2.QB/T QBT 2819-2006 "Determination of Long-term Fatigue Properties of Soft Foam Materials"
3.QCT56-93 "Test Methods for Performance of Automotive Seat Lining Materials
Functional features
- Automatic zeroing: After receiving the command to start the test, the system automatically zeros.
- Automatic return: After the sample breaks or is damaged, it automatically returns to the initial position.
- Adjust the speed: The test speed can be adjusted arbitrarily according to different samples.
- Indication verification: The system can accurately calibrate the force value.
- Control method: According to the test requirements, test methods such as test force, test speed, and displacement can be selected.
5. Application Scenarios
The sponge compression fatigue testing machine is widely used across industries to assess the durability and fatigue resistance of sponge materials, ensuring product quality and performance under repeated stress conditions. Key application areas include:
- Furniture Industry:
- Testing the durability of sofa and mattress sponges to ensure they resist compression deformation (e.g., sagging) and maintain resilience after prolonged use, meeting comfort and structural integrity standards.

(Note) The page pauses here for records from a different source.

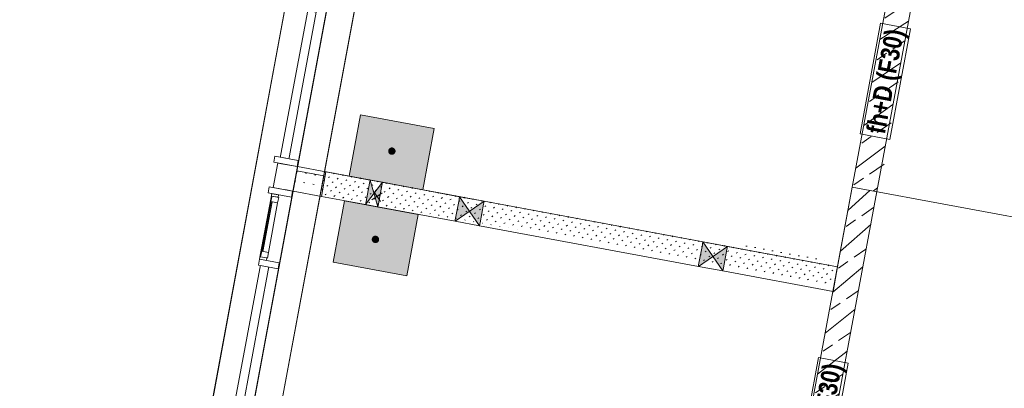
# Model space of a CAD drawing. Header units: metres. Extents: x 32353251 to 32353583, y 5707748 to 5708004.
# Tile 54 of 164: x 32353346 to 32353354, y 5707937 to 5707940. Entities that reach past the tile are written whole.
import ezdxf

# ---------------------------------------------------------------- set-up
doc = ezdxf.new("R2010")
doc.units = ezdxf.units.M
doc.header["$LTSCALE"] = 0.75
doc.set_wipeout_variables(frame=1)
doc.layers.get('0').update_dxf_attribs({"linetype": 'CONTINUOUS'})
for name, color, linetype, lineweight in [('10417023$0$#9_002_GES I Übersicht Erdgeschoss_1_101_Wand Aussen.A', 7, 'CONTINUOUS', 25), ('10417023$0$#9_002_GES I Übersicht Erdgeschoss_1_102_Wand Innen.A', 7, 'CONTINUOUS', 25), ('10417023$0$#9_002_GES I Übersicht Erdgeschoss_1_303_Sanitäre.A', 7, 'CONTINUOUS', 25), ('10417023$0$#9_002_GES I Übersicht Erdgeschoss_1_607b_Brandschutz 1_100', 7, 'CONTINUOUS', 25), ('10417023$0$#9_002_GES I Übersicht Erdgeschoss_1_Neubau_101_Wand Aussen.A', 7, 'CONTINUOUS', 25), ('10417023$0$#9_002_GES I Übersicht Erdgeschoss_1_Neubau_102_Wand Innen.A', 7, 'CONTINUOUS', 25), ('10417023$0$#9_002_GES I Übersicht Erdgeschoss_1_Neubau_104_Decken.A', 7, 'CONTINUOUS', 25), ('10417023$0$#9_002_GES I Übersicht Erdgeschoss_1_Neubau_110_Pfosten-Riegel.A', 7, 'CONTINUOUS', 25), ('10417023$0$#9_002_GES I Übersicht Erdgeschoss_1_Neubau_201_Aussenwandbekleidu', 7, 'CONTINUOUS', 25), ('10417023$0$Keine', 7, 'CONTINUOUS', 13)]:
    doc.layers.add(name, color=color, linetype=linetype, lineweight=lineweight)
doc.styles.add('10417023$0$Arial Narrow (bold)', font='ARIALNB.TTF')
pattern_1 = [(45, (0, 0), (-0.03535533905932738, 0.03535533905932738), [0.01, -0.03999999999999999])]
pattern_2 = [(44.99999999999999, (0, 0), (-0.1697056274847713, 0.1697056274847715), []), (44.99999999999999, (-0.08485281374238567, 0.08485281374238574), (-0.1697056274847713, 0.1697056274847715), [0.18, -0.05999999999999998])]

# ---------------------------------------------------------------- blocks, each defined once
blk = doc.blocks.new('10417023$0$#9_MKO_LP5_ARC_GES_UP_00_002_P_G_modell (3D)')
at = {"layer": '10417023$0$#9_002_GES I Übersicht Erdgeschoss_1_102_Wand Innen.A', "linetype": 'Continuous', "lineweight": 5, "true_color": 0xff0000}
h = blk.add_hatch(dxfattribs=at)
h.set_pattern_fill('#9_GIPSKARTON_0001', color=1, style=0, pattern_type=2)
h.set_pattern_definition([(0, (0, 0), (0, 0.075), [0.009999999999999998, -0.06500000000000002])])
h.paths.add_polyline_path([(-32353499.00695976, -5707781.780125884), (-32353499.24365668, -5707781.780125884), (-32353499.24365668, -5707781.980125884), (-32353499.00695976, -5707781.980125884)])
at = {"layer": '10417023$0$#9_002_GES I Übersicht Erdgeschoss_1_102_Wand Innen.A', "linetype": 'Continuous', "lineweight": 13, "true_color": 0x1f1f1f}
h = blk.add_hatch(dxfattribs=at)
h.set_pattern_fill('#9_GIPS_0001', color=250, style=0, pattern_type=2)
h.set_pattern_definition(pattern_1)
h.paths.add_polyline_path([(-32353494.842797, -5707781.780125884), (-32353499.01249965, -5707781.780125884), (-32353499.01249965, -5707781.792625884), (-32353494.842797, -5707781.792625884)])
h = blk.add_hatch(dxfattribs=at)
h.set_pattern_fill('#9_GIPS_0001', color=250, style=0, pattern_type=2)
h.set_pattern_definition(pattern_1)
h.paths.add_polyline_path([(-32353494.842797, -5707781.792625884), (-32353499.01249965, -5707781.792625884), (-32353499.01249965, -5707781.805125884), (-32353494.842797, -5707781.805125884)])
at = {"layer": '10417023$0$#9_002_GES I Übersicht Erdgeschoss_1_102_Wand Innen.A', "linetype": 'Continuous', "lineweight": 13, "true_color": 0xff0000}
h = blk.add_hatch(dxfattribs=at)
h.set_pattern_fill('#9_GIPS_0001', color=1, style=0, pattern_type=2)
h.set_pattern_definition(pattern_1)
h.paths.add_polyline_path([(-32353494.842797, -5707781.805125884), (-32353499.01249965, -5707781.805125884), (-32353499.01249965, -5707781.955125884), (-32353494.842797, -5707781.955125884)])
at = {"layer": '10417023$0$#9_002_GES I Übersicht Erdgeschoss_1_102_Wand Innen.A', "linetype": 'Continuous', "lineweight": 13, "true_color": 0x1f1f1f}
h = blk.add_hatch(dxfattribs=at)
h.set_pattern_fill('#9_GIPS_0001', color=250, style=0, pattern_type=2)
h.set_pattern_definition(pattern_1)
h.paths.add_polyline_path([(-32353499.01249965, -5707781.967625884), (-32353494.842797, -5707781.967625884), (-32353494.842797, -5707781.955125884), (-32353499.01249965, -5707781.955125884)])
h = blk.add_hatch(dxfattribs=at)
h.set_pattern_fill('#9_GIPS_0001', color=250, style=0, pattern_type=2)
h.set_pattern_definition(pattern_1)
h.paths.add_polyline_path([(-32353499.01249965, -5707781.980125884), (-32353494.842797, -5707781.980125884), (-32353494.842797, -5707781.967625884), (-32353499.01249965, -5707781.967625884)])
at = {"layer": '10417023$0$#9_002_GES I Übersicht Erdgeschoss_1_303_Sanitäre.A', "linetype": 'Continuous', "lineweight": 0, "true_color": 0xff0000}
h = blk.add_hatch(color=1, dxfattribs=at)
edge = h.paths.add_edge_path()
edge.add_arc((-32353498.52365513, -5707781.52047279), 0.03, 90, 180)
edge.add_arc((-32353498.52365513, -5707781.52047279), 0.03, 180, 270)
edge.add_arc((-32353498.52365513, -5707781.52047279), 0.03, 270, 360)
edge.add_arc((-32353498.52365513, -5707781.52047279), 0.03, 0, 90)
h = blk.add_hatch(color=1, dxfattribs=at)
edge = h.paths.add_edge_path()
edge.add_arc((-32353498.52365513, -5707782.23977898), 0.03, 270, 360)
edge.add_arc((-32353498.52365513, -5707782.23977898), 0.03, 0, 90)
edge.add_arc((-32353498.52365513, -5707782.23977898), 0.03, 90, 180)
edge.add_arc((-32353498.52365513, -5707782.23977898), 0.03, 180, 270)
at = {"layer": '10417023$0$#9_002_GES I Übersicht Erdgeschoss_1_Neubau_102_Wand Innen.A', "linetype": 'Continuous', "lineweight": 5, "true_color": 0xff0000}
h = blk.add_hatch(dxfattribs=at)
h.set_pattern_fill('#9_BETON__STAHLBETON_0001', color=1, style=0, pattern_type=2)
h.set_pattern_definition(pattern_2)
h.paths.add_polyline_path([(-32353494.84365668, -5707779.582826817), (-32353494.84365668, -5707781.130043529), (-32353494.64365669, -5707781.130043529), (-32353494.64365669, -5707779.582826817)])
h = blk.add_hatch(dxfattribs=at)
h.set_pattern_fill('#9_BETON__STAHLBETON_0001', color=1, style=0, pattern_type=2)
h.set_pattern_definition(pattern_2)
h.paths.add_polyline_path([(-32353494.84365668, -5707784.220045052), (-32353494.6436567, -5707784.220045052), (-32353494.6436567, -5707781.130043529), (-32353494.84365668, -5707781.130043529)])
at = {"layer": '10417023$0$#9_002_GES I Übersicht Erdgeschoss_1_101_Wand Aussen.A', "color": 1, "linetype": 'Continuous', "lineweight": 13, "true_color": 0xff0000}
blk.add_line((-32353499.02365651, -5707781.780126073), (-32353499.02365651, -5707783.814916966), dxfattribs=at)
at = {"layer": '10417023$0$#9_002_GES I Übersicht Erdgeschoss_1_102_Wand Innen.A', "color": 1, "linetype": 'Continuous', "lineweight": 13, "true_color": 0xff0000}
for p, q in [((-32353498.65277462, -5707781.780125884), (-32353499.01249965, -5707781.780125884)), ((-32353499.01249965, -5707781.780125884), (-32353499.01249965, -5707781.980125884)), ((-32353498.55277459, -5707781.780125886), (-32353498.65277462, -5707781.780125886)), ((-32353497.92330301, -5707781.780125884), (-32353498.55277459, -5707781.780125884)), ((-32353497.72330301, -5707781.780125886), (-32353497.92330301, -5707781.780125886)), ((-32353495.94042123, -5707781.780125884), (-32353497.72330301, -5707781.780125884)), ((-32353495.74042123, -5707781.780125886), (-32353495.94042123, -5707781.780125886)), ((-32353494.842797, -5707781.780125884), (-32353495.74042123, -5707781.780125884)), ((-32353494.842797, -5707781.980125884), (-32353494.842797, -5707781.780125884)), ((-32353499.01249965, -5707781.980125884), (-32353498.65277462, -5707781.980125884)), ((-32353498.65277462, -5707781.980125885), (-32353498.55277459, -5707781.980125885)), ((-32353498.55277459, -5707781.980125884), (-32353497.92330301, -5707781.980125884)), ((-32353497.92330301, -5707781.980125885), (-32353497.72330301, -5707781.980125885)), ((-32353497.72330301, -5707781.980125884), (-32353495.94042123, -5707781.980125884)), ((-32353495.94042123, -5707781.980125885), (-32353495.74042123, -5707781.980125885)), ((-32353495.74042123, -5707781.980125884), (-32353494.842797, -5707781.980125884))]:
    blk.add_line(p, q, dxfattribs=at)
at = {"layer": '10417023$0$#9_002_GES I Übersicht Erdgeschoss_1_303_Sanitäre.A', "color": 1, "linetype": 'Continuous', "lineweight": 13, "true_color": 0xff0000, "flags": 128}
for points in [[(-32353498.22365358, -5707781.280125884), (-32353498.82365668, -5707781.280125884), (-32353498.82365668, -5707781.780125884), (-32353498.22365358, -5707781.780125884)], [(-32353498.22365358, -5707782.480125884), (-32353498.82365668, -5707782.480125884), (-32353498.82365668, -5707781.980125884), (-32353498.22365358, -5707781.980125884)]]:
    blk.add_lwpolyline(points, close=True, dxfattribs=at)
at = {"layer": '10417023$0$#9_002_GES I Übersicht Erdgeschoss_1_303_Sanitäre.A', "color": 1, "linetype": 'Continuous', "true_color": 0xff0000}
for points in [[(-32353498.22365358, -5707781.280125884), (-32353498.82365668, -5707781.280125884), (-32353498.22365358, -5707781.780125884), (-32353498.82365668, -5707781.780125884)], [(-32353498.22365358, -5707782.480125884), (-32353498.22365358, -5707781.980125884), (-32353498.82365668, -5707782.480125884), (-32353498.82365668, -5707781.980125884)]]:
    blk.add_solid(points, dxfattribs=at)
at = {"layer": '10417023$0$#9_002_GES I Übersicht Erdgeschoss_1_607b_Brandschutz 1_100', "color": 1, "linetype": 'Continuous', "lineweight": 13, "true_color": 0xff0000}
for p, q in [((-32353494.61803709, -5707779.797894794), (-32353494.86068498, -5707779.797894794)), ((-32353494.86068498, -5707779.797894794), (-32353494.86068498, -5707780.699964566)), ((-32353494.61803709, -5707780.699964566), (-32353494.61803709, -5707779.797894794)), ((-32353494.86068498, -5707780.699964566), (-32353494.61803709, -5707780.699964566)), ((-32353494.61803709, -5707782.522464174), (-32353494.86068498, -5707782.522464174)), ((-32353494.86068498, -5707782.522464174), (-32353494.86068498, -5707783.424532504)), ((-32353494.61803709, -5707783.424532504), (-32353494.61803709, -5707782.522464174))]:
    blk.add_line(p, q, dxfattribs=at)
at = {"layer": '10417023$0$#9_002_GES I Übersicht Erdgeschoss_1_Neubau_101_Wand Aussen.A', "color": 1, "linetype": 'Continuous', "lineweight": 13, "true_color": 0xff0000}
for p, q in [((-32353499.24365677, -5707781.814917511), (-32353499.24365677, -5707779.814916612)), ((-32353499.02365651, -5707781.814917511), (-32353499.02365651, -5707779.814916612)), ((-32353499.02365651, -5707781.814917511), (-32353499.24365677, -5707781.814917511)), ((-32353499.24365677, -5707783.814916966), (-32353499.24365677, -5707781.814917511)), ((-32353499.02365651, -5707781.814917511), (-32353499.24365677, -5707781.814917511)), ((-32353499.02365651, -5707783.814916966), (-32353499.02365651, -5707781.814917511))]:
    blk.add_line(p, q, dxfattribs=at)
at = {"layer": '10417023$0$#9_002_GES I Übersicht Erdgeschoss_1_Neubau_102_Wand Innen.A', "color": 1, "linetype": 'Continuous', "lineweight": 18, "true_color": 0xff0000}
for p, q in [((-32353494.84365668, -5707779.582826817), (-32353494.84365668, -5707781.130043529)), ((-32353494.64365668, -5707781.130043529), (-32353494.64365668, -5707779.582826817)), ((-32353494.84365668, -5707781.130043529), (-32353494.84365667, -5707784.220045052)), ((-32353494.64365667, -5707784.220045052), (-32353494.64365668, -5707781.130043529))]:
    blk.add_line(p, q, dxfattribs=at)
at = {"layer": '10417023$0$#9_002_GES I Übersicht Erdgeschoss_1_Neubau_102_Wand Innen.A', "color": 1, "linetype": 'Continuous', "lineweight": 13, "true_color": 0xff0000}
for p, q in [((-32353498.65277462, -5707781.780125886), (-32353498.65277462, -5707781.792625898)), ((-32353498.65277462, -5707781.792625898), (-32353498.65277462, -5707781.80512591)), ((-32353498.65277462, -5707781.80512591), (-32353498.65277462, -5707781.955125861)), ((-32353498.5527739, -5707781.780126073), (-32353498.65277402, -5707781.980126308)), ((-32353498.5527739, -5707781.980126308), (-32353498.65277402, -5707781.780126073)), ((-32353498.55277459, -5707781.792625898), (-32353498.55277459, -5707781.780125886)), ((-32353498.55277459, -5707781.80512591), (-32353498.55277459, -5707781.792625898)), ((-32353498.55277459, -5707781.955125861), (-32353498.55277459, -5707781.80512591)), ((-32353497.92330301, -5707781.780125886), (-32353497.92330301, -5707781.792625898)), ((-32353497.92330301, -5707781.792625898), (-32353497.92330301, -5707781.80512591)), ((-32353497.92330301, -5707781.80512591), (-32353497.92330301, -5707781.955125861)), ((-32353497.72330274, -5707781.780126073), (-32353497.92330298, -5707781.980126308)), ((-32353497.72330274, -5707781.980126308), (-32353497.92330298, -5707781.780126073)), ((-32353497.72330301, -5707781.792625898), (-32353497.72330301, -5707781.780125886)), ((-32353497.72330301, -5707781.80512591), (-32353497.72330301, -5707781.792625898)), ((-32353497.72330301, -5707781.955125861), (-32353497.72330301, -5707781.80512591)), ((-32353495.94042123, -5707781.780125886), (-32353495.94042123, -5707781.792625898)), ((-32353495.94042123, -5707781.792625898), (-32353495.94042123, -5707781.80512591)), ((-32353495.94042123, -5707781.80512591), (-32353495.94042123, -5707781.955125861)), ((-32353495.74042183, -5707781.780126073), (-32353495.94042062, -5707781.980126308)), ((-32353495.74042183, -5707781.980126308), (-32353495.94042062, -5707781.780126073)), ((-32353495.74042123, -5707781.792625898), (-32353495.74042123, -5707781.780125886)), ((-32353495.74042123, -5707781.80512591), (-32353495.74042123, -5707781.792625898)), ((-32353495.74042123, -5707781.955125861), (-32353495.74042123, -5707781.80512591)), ((-32353498.65277462, -5707781.955125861), (-32353498.65277462, -5707781.967625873)), ((-32353498.65277462, -5707781.967625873), (-32353498.65277462, -5707781.980125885)), ((-32353498.55277459, -5707781.967625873), (-32353498.55277459, -5707781.955125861)), ((-32353498.55277459, -5707781.980125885), (-32353498.55277459, -5707781.967625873)), ((-32353497.92330301, -5707781.955125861), (-32353497.92330301, -5707781.967625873)), ((-32353497.92330301, -5707781.967625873), (-32353497.92330301, -5707781.980125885)), ((-32353497.72330301, -5707781.967625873), (-32353497.72330301, -5707781.955125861)), ((-32353497.72330301, -5707781.980125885), (-32353497.72330301, -5707781.967625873)), ((-32353495.94042123, -5707781.955125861), (-32353495.94042123, -5707781.967625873)), ((-32353495.94042123, -5707781.967625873), (-32353495.94042123, -5707781.980125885)), ((-32353495.74042123, -5707781.967625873), (-32353495.74042123, -5707781.955125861)), ((-32353495.74042123, -5707781.980125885), (-32353495.74042123, -5707781.967625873))]:
    blk.add_line(p, q, dxfattribs=at)
at = {"layer": '10417023$0$#9_002_GES I Übersicht Erdgeschoss_1_Neubau_102_Wand Innen.A', "color": 1, "linetype": 'Continuous', "true_color": 0xff0000}
for points in [[(-32353498.65277462, -5707781.980125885), (-32353498.60277461, -5707781.880125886), (-32353498.65277462, -5707781.780125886)], [(-32353498.55277459, -5707781.980125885), (-32353498.55277459, -5707781.780125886), (-32353498.60277461, -5707781.880125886)], [(-32353497.92330301, -5707781.980125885), (-32353497.82330301, -5707781.880125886), (-32353497.92330301, -5707781.780125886)], [(-32353497.72330301, -5707781.980125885), (-32353497.72330301, -5707781.780125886), (-32353497.82330301, -5707781.880125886)], [(-32353495.94042123, -5707781.980125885), (-32353495.84042123, -5707781.880125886), (-32353495.94042123, -5707781.780125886)], [(-32353495.74042123, -5707781.980125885), (-32353495.74042123, -5707781.780125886), (-32353495.84042123, -5707781.880125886)]]:
    blk.add_solid(points, dxfattribs=at)
at = {"layer": '10417023$0$#9_002_GES I Übersicht Erdgeschoss_1_Neubau_104_Decken.A', "color": 1, "linetype": 'Continuous', "lineweight": 13, "true_color": 0xff0000}
for p, q in [((-32353498.61058977, -5707781.933891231), (-32353498.53987942, -5707781.863180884)), ((-32353498.61058977, -5707781.863180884), (-32353498.53987942, -5707781.933891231))]:
    blk.add_line(p, q, dxfattribs=at)
at = {"layer": '10417023$0$#9_002_GES I Übersicht Erdgeschoss_1_Neubau_104_Decken.A', "color": 1, "linetype": 'Continuous', "lineweight": 13, "true_color": 0xff0000, "flags": 128}
for points in [[(-32353499.24365664, -5707781.952985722), (-32353499.24365668, -5707777.242828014), (-32353491.34430819, -5707777.240905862), (-32353491.34429377, -5707777.249004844), (-32353488.711808, -5707777.242914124), (-32353474.36909785, -5707777.203502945), (-32353467.58052395, -5707777.184627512), (-32353458.71420428, -5707777.159975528), (-32353458.7142043, -5707776.82162203), (-32353452.08528951, -5707776.852814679), (-32353452.08528951, -5707777.242828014), (-32353452.08528951, -5707779.426313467), (-32353449.88417032, -5707779.426313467), (-32353449.88417032, -5707779.646313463), (-32353454.47117382, -5707779.646313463), (-32353454.47117382, -5707790.51957689), (-32353496.34426422, -5707790.51957689), (-32353496.34426422, -5707785.84991685), (-32353499.24365677, -5707785.84991685)], [(-32353491.64409519, -5707777.192828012), (-32353499.24365668, -5707777.192828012), (-32353499.24365668, -5707790.51957689), (-32353454.47117381, -5707790.51957689), (-32353454.47117381, -5707779.376313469), (-32353454.47117381, -5707776.841971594), (-32353458.7151397, -5707776.821626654), (-32353458.71420428, -5707777.159982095), (-32353462.62409527, -5707777.170791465), (-32353462.62409527, -5707788.759576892), (-32353491.64409519, -5707788.759576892)], [(-32353499.0236555, -5707781.780125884), (-32353494.84366712, -5707781.780125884), (-32353494.8439642, -5707781.129916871), (-32353493.14409523, -5707781.129916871), (-32353491.64409519, -5707781.129916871), (-32353491.64409519, -5707777.462828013), (-32353499.0236555, -5707777.462828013)]]:
    blk.add_lwpolyline(points, close=True, dxfattribs=at)
at = {"layer": '10417023$0$#9_002_GES I Übersicht Erdgeschoss_1_607b_Brandschutz 1_100', "color": 1, "true_color": 0xff0000, "char_height": 0.1502737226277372, "attachment_point": 5, "rotation": 90, "line_spacing_factor": 1.002187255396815, "style": '10417023$0$Arial Narrow (bold)'}
for insert in [(-32353494.71695806, -5707780.248929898), (-32353494.71695806, -5707782.973498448)]:
    blk.add_mtext('fh+D (F30) ', dxfattribs=dict(at, insert=insert))
at = {"color": 1, "linetype": 'Continuous', "lineweight": 5, "true_color": 0xff0000}
blk.add_wipeout([(-32353499.573656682, -5707779.81491685), (-32353499.573656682, -5707783.814916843), (-32353499.37365668, -5707783.814916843), (-32353499.37365668, -5707779.81491685)], dxfattribs=at).dxf.layer = '10417023$0$#9_002_GES I Übersicht Erdgeschoss_1_Neubau_201_Aussenwandbekleidu'
at = {"layer": '10417023$0$#9_002_GES I Übersicht Erdgeschoss_1_Neubau_101_Wand Aussen.A', "color": 1, "linetype": 'Continuous', "lineweight": 13, "true_color": 0xff0000}
blk.add_line((-32353499.57365668, -5707777.242828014), (-32353499.57365668, -5707786.17991685), dxfattribs=at)
at = {"layer": '10417023$0$#9_002_GES I Übersicht Erdgeschoss_1_Neubau_201_Aussenwandbekleidu', "color": 1, "linetype": 'Continuous', "lineweight": 13, "true_color": 0xff0000}
for p, q in [((-32353499.57365668, -5707779.81491685), (-32353499.57365668, -5707783.814916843)), ((-32353499.37365668, -5707783.814916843), (-32353499.37365668, -5707779.81491685))]:
    blk.add_line(p, q, dxfattribs=at)
at = {"color": 1, "linetype": 'Continuous', "lineweight": 5, "true_color": 0xff0000}
for points in [[(-32353499.40515506, -5707781.980125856), (-32353499.310155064, -5707781.980125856), (-32353499.310155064, -5707781.780131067), (-32353499.40515506, -5707781.780131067)], [(-32353499.40265506, -5707782.499916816), (-32353499.347655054, -5707782.499916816), (-32353499.347655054, -5707782.095125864), (-32353499.40265506, -5707782.095125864)], [(-32353499.39265506, -5707783.784916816), (-32353499.32265506, -5707783.784916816), (-32353499.32265506, -5707782.594916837), (-32353499.39265506, -5707782.594916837)]]:
    blk.add_wipeout(points, dxfattribs=at).dxf.layer = '10417023$0$#9_002_GES I Übersicht Erdgeschoss_1_Neubau_110_Pfosten-Riegel.A'
at = {"layer": '10417023$0$#9_002_GES I Übersicht Erdgeschoss_1_Neubau_110_Pfosten-Riegel.A', "color": 1, "linetype": 'Continuous', "lineweight": 13, "true_color": 0xff0000}
for p, q in [((-32353499.40515544, -5707781.780130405), (-32353499.40515544, -5707781.980126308)), ((-32353499.34765574, -5707782.499916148), (-32353499.34765574, -5707782.095125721))]:
    blk.add_line(p, q, dxfattribs=at)
at = {"layer": '10417023$0$#9_002_GES I Übersicht Erdgeschoss_1_Neubau_110_Pfosten-Riegel.A', "color": 1, "linetype": 'Continuous', "lineweight": 13, "true_color": 0xff0000, "flags": 128}
blk.add_lwpolyline([(-32353499.39265506, -5707783.784916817), (-32353499.32265506, -5707783.784916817), (-32353499.32265506, -5707782.594916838), (-32353499.39265506, -5707782.594916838)], close=True, dxfattribs=at)
at = {"color": 1, "linetype": 'Continuous', "lineweight": 5, "true_color": 0xff0000}
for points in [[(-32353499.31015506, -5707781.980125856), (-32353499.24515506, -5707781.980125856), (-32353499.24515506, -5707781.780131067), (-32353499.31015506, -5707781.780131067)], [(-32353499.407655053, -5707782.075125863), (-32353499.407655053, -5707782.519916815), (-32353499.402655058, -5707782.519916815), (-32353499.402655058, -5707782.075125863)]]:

- Automotive Manufacturing:
- Evaluating the fatigue life of seat and headrest sponges in vehicles to ensure they withstand repeated compression from occupants, meeting safety, comfort, and longevity requirements.
- Packaging Materials:
- Assessing the compressive resistance and recovery performance of cushioning sponges used in logistics and shipping, ensuring protection for packaged goods against repeated impacts or squeezing during transit.
- Footwear Industry:
- Testing the resilience and durability of sponge materials used in shoe insoles and midsoles, ensuring long-term comfort and performance under repeated stress from foot movement.
- Other Applications:
- Sports Equipment: Evaluating sponge components in mats, pads, or protective gear for durability under repeated use.
- Medical Devices: Testing sponge materials in cushions or supports for long-term resilience in healthcare applications.